• WHAT YOU WILL DO
Lines that include the string "ezdxf" are the ones to copy from the entries below.

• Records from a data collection
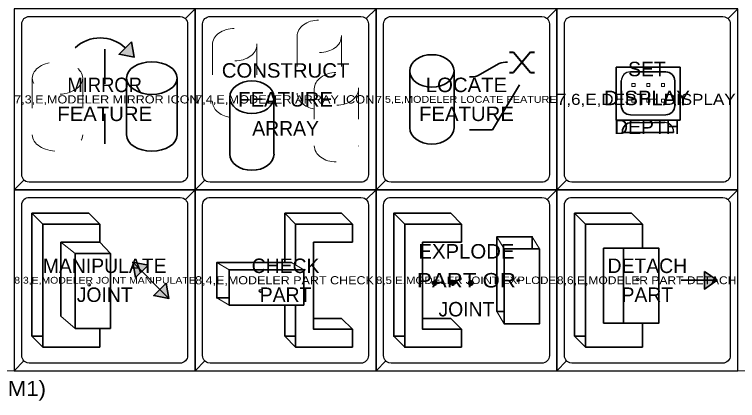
# Model space of a CAD drawing. Extents: x 95909.2 to 95923.3, y 90965 to 90971.2.
# Drawn here: x 95910.988 to 95913.386, y 90966.261 to 90967.542 of the extents above; entities that cross this region are included whole.
import ezdxf
from ezdxf.enums import TextEntityAlignment as Align

# ---------------------------------------------------------------- set-up
doc = ezdxf.new("R2010")
doc.units = 0
doc.header["$LTSCALE"] = 0.019
doc.header["$PDMODE"] = 32
doc.header["$PDSIZE"] = 0.0095
doc.linetypes.add('LONG_DASH_SHORT_DASH', pattern=[9.9, 6, -1.2, 1.5, -1.2])
doc.linetypes.add('MEDIUM_DASHED', pattern=[4.5, 3, -1.5])
for name, color, linetype, lineweight in [('1', 7, 'Continuous', 25), ('10', 7, 'Continuous', 13), ('2', 7, 'Continuous', 25), ('3', 7, 'Continuous', 25), ('4', 7, 'Continuous', 25), ('6', 7, 'Continuous', 13), ('7', 7, 'Continuous', 35)]:
    doc.layers.add(name, color=color, linetype=linetype, lineweight=lineweight)
doc.layers.add('5', color=7, linetype='Continuous')
doc.layers.add('63', color=7, linetype='Continuous')

msp = doc.modelspace()

# ---------------------------------------------------------------- hatches: boundary and pattern name
at = {"layer": '6'}
for points in [[(95911.3759, 90967.4511), (95911.385, 90967.4006), (95911.3346, 90967.4101)], [(95911.3893, 90966.6696), (95911.3799, 90966.7202), (95911.4305, 90966.7108)], [(95913.2761, 90966.6893), (95913.3184, 90966.6603), (95913.2761, 90966.6311)], [(95911.4905, 90966.6508), (95911.4998, 90966.6003), (95911.4493, 90966.6096)], [(95912.3813, 90966.65733, 1), (95912.3813, 90966.64533, 1)], [(95912.44103, 90966.65733, 1), (95912.44103, 90966.64533, 1)], [(95912.5013, 90966.65733, 1), (95912.5013, 90966.64533, 1)]]:
    msp.add_hatch(color=256, dxfattribs=at).paths.add_polyline_path(points)

# ---------------------------------------------------------------- linework, layer by layer
at = {"layer": '1'}
for points in [[(95910.9868, 90966.9603), (95911.5868, 90966.9603), (95911.5868, 90967.5603), (95910.9868, 90967.5603)], [(95911.5868, 90966.9603), (95912.1868, 90966.9603), (95912.1868, 90967.5603), (95911.5868, 90967.5603)], [(95912.1868, 90966.9603), (95912.7868, 90966.9603), (95912.7868, 90967.5603), (95912.1868, 90967.5603)], [(95912.7868, 90966.9603), (95913.3868, 90966.9603), (95913.3868, 90967.5603), (95912.7868, 90967.5603)], [(95910.9868, 90966.3603), (95911.5868, 90966.3603), (95911.5868, 90966.9603), (95910.9868, 90966.9603)], [(95911.5868, 90966.3603), (95912.1868, 90966.3603), (95912.1868, 90966.9603), (95911.5868, 90966.9603)], [(95912.1868, 90966.3603), (95912.7868, 90966.3603), (95912.7868, 90966.9603), (95912.1868, 90966.9603)], [(95912.7868, 90966.3603), (95913.3868, 90966.3603), (95913.3868, 90966.9603), (95912.7868, 90966.9603)]]:
    msp.add_lwpolyline(points, close=True, dxfattribs=at)
at = {"layer": '10'}
msp.add_lwpolyline([(95909.7868, 90971.1603), (95915.7868, 90971.1603), (95915.7868, 90966.3603), (95909.7868, 90966.3603)], close=True, dxfattribs=at)
at = {"layer": '2'}
for points in [[(95910.9868, 90966.9603), (95911.5868, 90966.9603), (95911.5868, 90967.5603), (95910.9868, 90967.5603)], [(95911.5868, 90966.9603), (95912.1868, 90966.9603), (95912.1868, 90967.5603), (95911.5868, 90967.5603)], [(95912.1868, 90966.9603), (95912.7868, 90966.9603), (95912.7868, 90967.5603), (95912.1868, 90967.5603)], [(95912.7868, 90966.9603), (95913.3868, 90966.9603), (95913.3868, 90967.5603), (95912.7868, 90967.5603)], [(95910.9868, 90966.3603), (95911.5868, 90966.3603), (95911.5868, 90966.9603), (95910.9868, 90966.9603)], [(95911.5868, 90966.3603), (95912.1868, 90966.3603), (95912.1868, 90966.9603), (95911.5868, 90966.9603)], [(95912.1868, 90966.3603), (95912.7868, 90966.3603), (95912.7868, 90966.9603), (95912.1868, 90966.9603)], [(95912.7868, 90966.3603), (95913.3868, 90966.3603), (95913.3868, 90966.9603), (95912.7868, 90966.9603)]]:
    msp.add_lwpolyline(points, close=True, dxfattribs=at)
at = {"layer": '3'}
for points in [[(95911.5868, 90967.5603), (95910.9868, 90967.5603), (95910.9868, 90966.9603), (95911.0191, 90966.9926), (95911.016, 90966.9964), (95911.0137, 90967.0007), (95911.0123, 90967.0054), (95911.0118, 90967.0103), (95911.0118, 90967.5103), (95911.0123, 90967.5152), (95911.0137, 90967.5199), (95911.016, 90967.5242), (95911.0191, 90967.528), (95911.0191, 90967.528), (95911.0229, 90967.5311), (95911.0272, 90967.5334), (95911.0319, 90967.5348), (95911.0368, 90967.5353), (95911.5368, 90967.5353), (95911.5441, 90967.5342), (95911.5486, 90967.5323), (95911.5527, 90967.5296), (95911.5545, 90967.528)], [(95912.1868, 90967.5603), (95911.5868, 90967.5603), (95911.5868, 90966.9603), (95911.6191, 90966.9926), (95911.616, 90966.9964), (95911.6137, 90967.0007), (95911.6123, 90967.0054), (95911.6118, 90967.0103), (95911.6118, 90967.5103), (95911.6123, 90967.5152), (95911.6137, 90967.5199), (95911.616, 90967.5242), (95911.6191, 90967.528), (95911.6191, 90967.528), (95911.6229, 90967.5311), (95911.6272, 90967.5334), (95911.6319, 90967.5348), (95911.6368, 90967.5353), (95912.1368, 90967.5353), (95912.1441, 90967.5342), (95912.1486, 90967.5323), (95912.1527, 90967.5296), (95912.1545, 90967.528)], [(95912.7868, 90967.5603), (95912.1868, 90967.5603), (95912.1868, 90966.9603), (95912.2191, 90966.9926), (95912.216, 90966.9964), (95912.2137, 90967.0007), (95912.2123, 90967.0054), (95912.2118, 90967.0103), (95912.2118, 90967.5103), (95912.2123, 90967.5152), (95912.2137, 90967.5199), (95912.216, 90967.5242), (95912.2191, 90967.528), (95912.2191, 90967.528), (95912.2229, 90967.5311), (95912.2272, 90967.5334), (95912.2319, 90967.5348), (95912.2368, 90967.5353), (95912.7368, 90967.5353), (95912.7441, 90967.5342), (95912.7486, 90967.5323), (95912.7527, 90967.5296), (95912.7545, 90967.528)], [(95913.3868, 90967.5603), (95912.7868, 90967.5603), (95912.7868, 90966.9603), (95912.8191, 90966.9926), (95912.816, 90966.9964), (95912.8137, 90967.0007), (95912.8123, 90967.0054), (95912.8118, 90967.0103), (95912.8118, 90967.5103), (95912.8123, 90967.5152), (95912.8137, 90967.5199), (95912.816, 90967.5242), (95912.8191, 90967.528), (95912.8191, 90967.528), (95912.8229, 90967.5311), (95912.8272, 90967.5334), (95912.8319, 90967.5348), (95912.8368, 90967.5353), (95913.3368, 90967.5353), (95913.3441, 90967.5342), (95913.3486, 90967.5323), (95913.3527, 90967.5296), (95913.3545, 90967.528)], [(95911.5868, 90966.9603), (95910.9868, 90966.9603), (95910.9868, 90966.3603), (95911.0191, 90966.3926), (95911.016, 90966.3964), (95911.0137, 90966.4007), (95911.0123, 90966.4054), (95911.0118, 90966.4103), (95911.0118, 90966.9103), (95911.0123, 90966.9152), (95911.0137, 90966.9199), (95911.016, 90966.9242), (95911.0191, 90966.928), (95911.0191, 90966.928), (95911.0229, 90966.9311), (95911.0272, 90966.9334), (95911.0319, 90966.9348), (95911.0368, 90966.9353), (95911.5368, 90966.9353), (95911.5441, 90966.9342), (95911.5486, 90966.9323), (95911.5527, 90966.9296), (95911.5545, 90966.928)], [(95912.1868, 90966.9603), (95911.5868, 90966.9603), (95911.5868, 90966.3603), (95911.6191, 90966.3926), (95911.616, 90966.3964), (95911.6137, 90966.4007), (95911.6123, 90966.4054), (95911.6118, 90966.4103), (95911.6118, 90966.9103), (95911.6123, 90966.9152), (95911.6137, 90966.9199), (95911.616, 90966.9242), (95911.6191, 90966.928), (95911.6191, 90966.928), (95911.6229, 90966.9311), (95911.6272, 90966.9334), (95911.6319, 90966.9348), (95911.6368, 90966.9353), (95912.1368, 90966.9353), (95912.1441, 90966.9342), (95912.1486, 90966.9323), (95912.1527, 90966.9296), (95912.1545, 90966.928)], [(95912.7868, 90966.9603), (95912.1868, 90966.9603), (95912.1868, 90966.3603), (95912.2191, 90966.3926), (95912.216, 90966.3964), (95912.2137, 90966.4007), (95912.2123, 90966.4054), (95912.2118, 90966.4103), (95912.2118, 90966.9103), (95912.2123, 90966.9152), (95912.2137, 90966.9199), (95912.216, 90966.9242), (95912.2191, 90966.928), (95912.2191, 90966.928), (95912.2229, 90966.9311), (95912.2272, 90966.9334), (95912.2319, 90966.9348), (95912.2368, 90966.9353), (95912.7368, 90966.9353), (95912.7441, 90966.9342), (95912.7486, 90966.9323), (95912.7527, 90966.9296), (95912.7545, 90966.928)], [(95913.3868, 90966.9603), (95912.7868, 90966.9603), (95912.7868, 90966.3603), (95912.8191, 90966.3926), (95912.816, 90966.3964), (95912.8137, 90966.4007), (95912.8123, 90966.4054), (95912.8118, 90966.4103), (95912.8118, 90966.9103), (95912.8123, 90966.9152), (95912.8137, 90966.9199), (95912.816, 90966.9242), (95912.8191, 90966.928), (95912.8191, 90966.928), (95912.8229, 90966.9311), (95912.8272, 90966.9334), (95912.8319, 90966.9348), (95912.8368, 90966.9353), (95913.3368, 90966.9353), (95913.3441, 90966.9342), (95913.3486, 90966.9323), (95913.3527, 90966.9296), (95913.3545, 90966.928)]]:
    msp.add_lwpolyline(points, close=True, dxfattribs=at)
at = {"layer": '4'}
for points in [[(95910.9868, 90966.9603), (95911.5868, 90966.9603), (95911.5868, 90967.5603), (95911.5545, 90967.528), (95911.5576, 90967.5242), (95911.5599, 90967.5199), (95911.5613, 90967.5152), (95911.5618, 90967.5103), (95911.5618, 90967.0103), (95911.5613, 90967.0054), (95911.5599, 90967.0007), (95911.5576, 90966.9964), (95911.5545, 90966.9926), (95911.5545, 90966.9926), (95911.5507, 90966.9895), (95911.5464, 90966.9872), (95911.5417, 90966.9858), (95911.5368, 90966.9853), (95911.0368, 90966.9853), (95911.0295, 90966.9864), (95911.025, 90966.9883), (95911.0209, 90966.991), (95911.0191, 90966.9926)], [(95911.5868, 90966.9603), (95912.1868, 90966.9603), (95912.1868, 90967.5603), (95912.1545, 90967.528), (95912.1576, 90967.5242), (95912.1599, 90967.5199), (95912.1613, 90967.5152), (95912.1618, 90967.5103), (95912.1618, 90967.0103), (95912.1613, 90967.0054), (95912.1599, 90967.0007), (95912.1576, 90966.9964), (95912.1545, 90966.9926), (95912.1545, 90966.9926), (95912.1507, 90966.9895), (95912.1464, 90966.9872), (95912.1417, 90966.9858), (95912.1368, 90966.9853), (95911.6368, 90966.9853), (95911.6295, 90966.9864), (95911.625, 90966.9883), (95911.6209, 90966.991), (95911.6191, 90966.9926)], [(95912.1868, 90966.9603), (95912.7868, 90966.9603), (95912.7868, 90967.5603), (95912.7545, 90967.528), (95912.7576, 90967.5242), (95912.7599, 90967.5199), (95912.7613, 90967.5152), (95912.7618, 90967.5103), (95912.7618, 90967.0103), (95912.7613, 90967.0054), (95912.7599, 90967.0007), (95912.7576, 90966.9964), (95912.7545, 90966.9926), (95912.7545, 90966.9926), (95912.7507, 90966.9895), (95912.7464, 90966.9872), (95912.7417, 90966.9858), (95912.7368, 90966.9853), (95912.2368, 90966.9853), (95912.2295, 90966.9864), (95912.225, 90966.9883), (95912.2209, 90966.991), (95912.2191, 90966.9926)], [(95912.7868, 90966.9603), (95913.3868, 90966.9603), (95913.3868, 90967.5603), (95913.3545, 90967.528), (95913.3576, 90967.5242), (95913.3599, 90967.5199), (95913.3613, 90967.5152), (95913.3618, 90967.5103), (95913.3618, 90967.0103), (95913.3613, 90967.0054), (95913.3599, 90967.0007), (95913.3576, 90966.9964), (95913.3545, 90966.9926), (95913.3545, 90966.9926), (95913.3507, 90966.9895), (95913.3464, 90966.9872), (95913.3417, 90966.9858), (95913.3368, 90966.9853), (95912.8368, 90966.9853), (95912.8295, 90966.9864), (95912.825, 90966.9883), (95912.8209, 90966.991), (95912.8191, 90966.9926)], [(95910.9868, 90966.3603), (95911.5868, 90966.3603), (95911.5868, 90966.9603), (95911.5545, 90966.928), (95911.5576, 90966.9242), (95911.5599, 90966.9199), (95911.5613, 90966.9152), (95911.5618, 90966.9103), (95911.5618, 90966.4103), (95911.5613, 90966.4054), (95911.5599, 90966.4007), (95911.5576, 90966.3964), (95911.5545, 90966.3926), (95911.5545, 90966.3926), (95911.5507, 90966.3895), (95911.5464, 90966.3872), (95911.5417, 90966.3858), (95911.5368, 90966.3853), (95911.0368, 90966.3853), (95911.0295, 90966.3864), (95911.025, 90966.3883), (95911.0209, 90966.391), (95911.0191, 90966.3926)], [(95911.5868, 90966.3603), (95912.1868, 90966.3603), (95912.1868, 90966.9603), (95912.1545, 90966.928), (95912.1576, 90966.9242), (95912.1599, 90966.9199), (95912.1613, 90966.9152), (95912.1618, 90966.9103), (95912.1618, 90966.4103), (95912.1613, 90966.4054), (95912.1599, 90966.4007), (95912.1576, 90966.3964), (95912.1545, 90966.3926), (95912.1545, 90966.3926), (95912.1507, 90966.3895), (95912.1464, 90966.3872), (95912.1417, 90966.3858), (95912.1368, 90966.3853), (95911.6368, 90966.3853), (95911.6295, 90966.3864), (95911.625, 90966.3883), (95911.6209, 90966.391), (95911.6191, 90966.3926)], [(95912.1868, 90966.3603), (95912.7868, 90966.3603), (95912.7868, 90966.9603), (95912.7545, 90966.928), (95912.7576, 90966.9242), (95912.7599, 90966.9199), (95912.7613, 90966.9152), (95912.7618, 90966.9103), (95912.7618, 90966.4103), (95912.7613, 90966.4054), (95912.7599, 90966.4007), (95912.7576, 90966.3964), (95912.7545, 90966.3926), (95912.7545, 90966.3926), (95912.7507, 90966.3895), (95912.7464, 90966.3872), (95912.7417, 90966.3858), (95912.7368, 90966.3853), (95912.2368, 90966.3853), (95912.2295, 90966.3864), (95912.225, 90966.3883), (95912.2209, 90966.391), (95912.2191, 90966.3926)], [(95912.7868, 90966.3603), (95913.3868, 90966.3603), (95913.3868, 90966.9603), (95913.3545, 90966.928), (95913.3576, 90966.9242), (95913.3599, 90966.9199), (95913.3613, 90966.9152), (95913.3618, 90966.9103), (95913.3618, 90966.4103), (95913.3613, 90966.4054), (95913.3599, 90966.4007), (95913.3576, 90966.3964), (95913.3545, 90966.3926), (95913.3545, 90966.3926), (95913.3507, 90966.3895), (95913.3464, 90966.3872), (95913.3417, 90966.3858), (95913.3368, 90966.3853), (95912.8368, 90966.3853), (95912.8295, 90966.3864), (95912.825, 90966.3883), (95912.8209, 90966.391), (95912.8191, 90966.3926)]]:
    msp.add_lwpolyline(points, close=True, dxfattribs=at)
at = {"layer": '6', "linetype": 'MEDIUM_DASHED'}
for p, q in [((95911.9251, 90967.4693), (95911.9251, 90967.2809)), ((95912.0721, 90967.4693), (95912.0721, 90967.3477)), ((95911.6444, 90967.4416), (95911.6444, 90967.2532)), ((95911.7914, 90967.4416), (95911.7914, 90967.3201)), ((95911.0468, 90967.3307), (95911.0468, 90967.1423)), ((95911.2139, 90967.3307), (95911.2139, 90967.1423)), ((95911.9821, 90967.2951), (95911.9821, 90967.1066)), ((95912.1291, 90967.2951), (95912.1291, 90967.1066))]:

• ANSWER BELOW
import ezdxf
from ezdxf.enums import TextEntityAlignment as Align
doc = ezdxf.new("R2010")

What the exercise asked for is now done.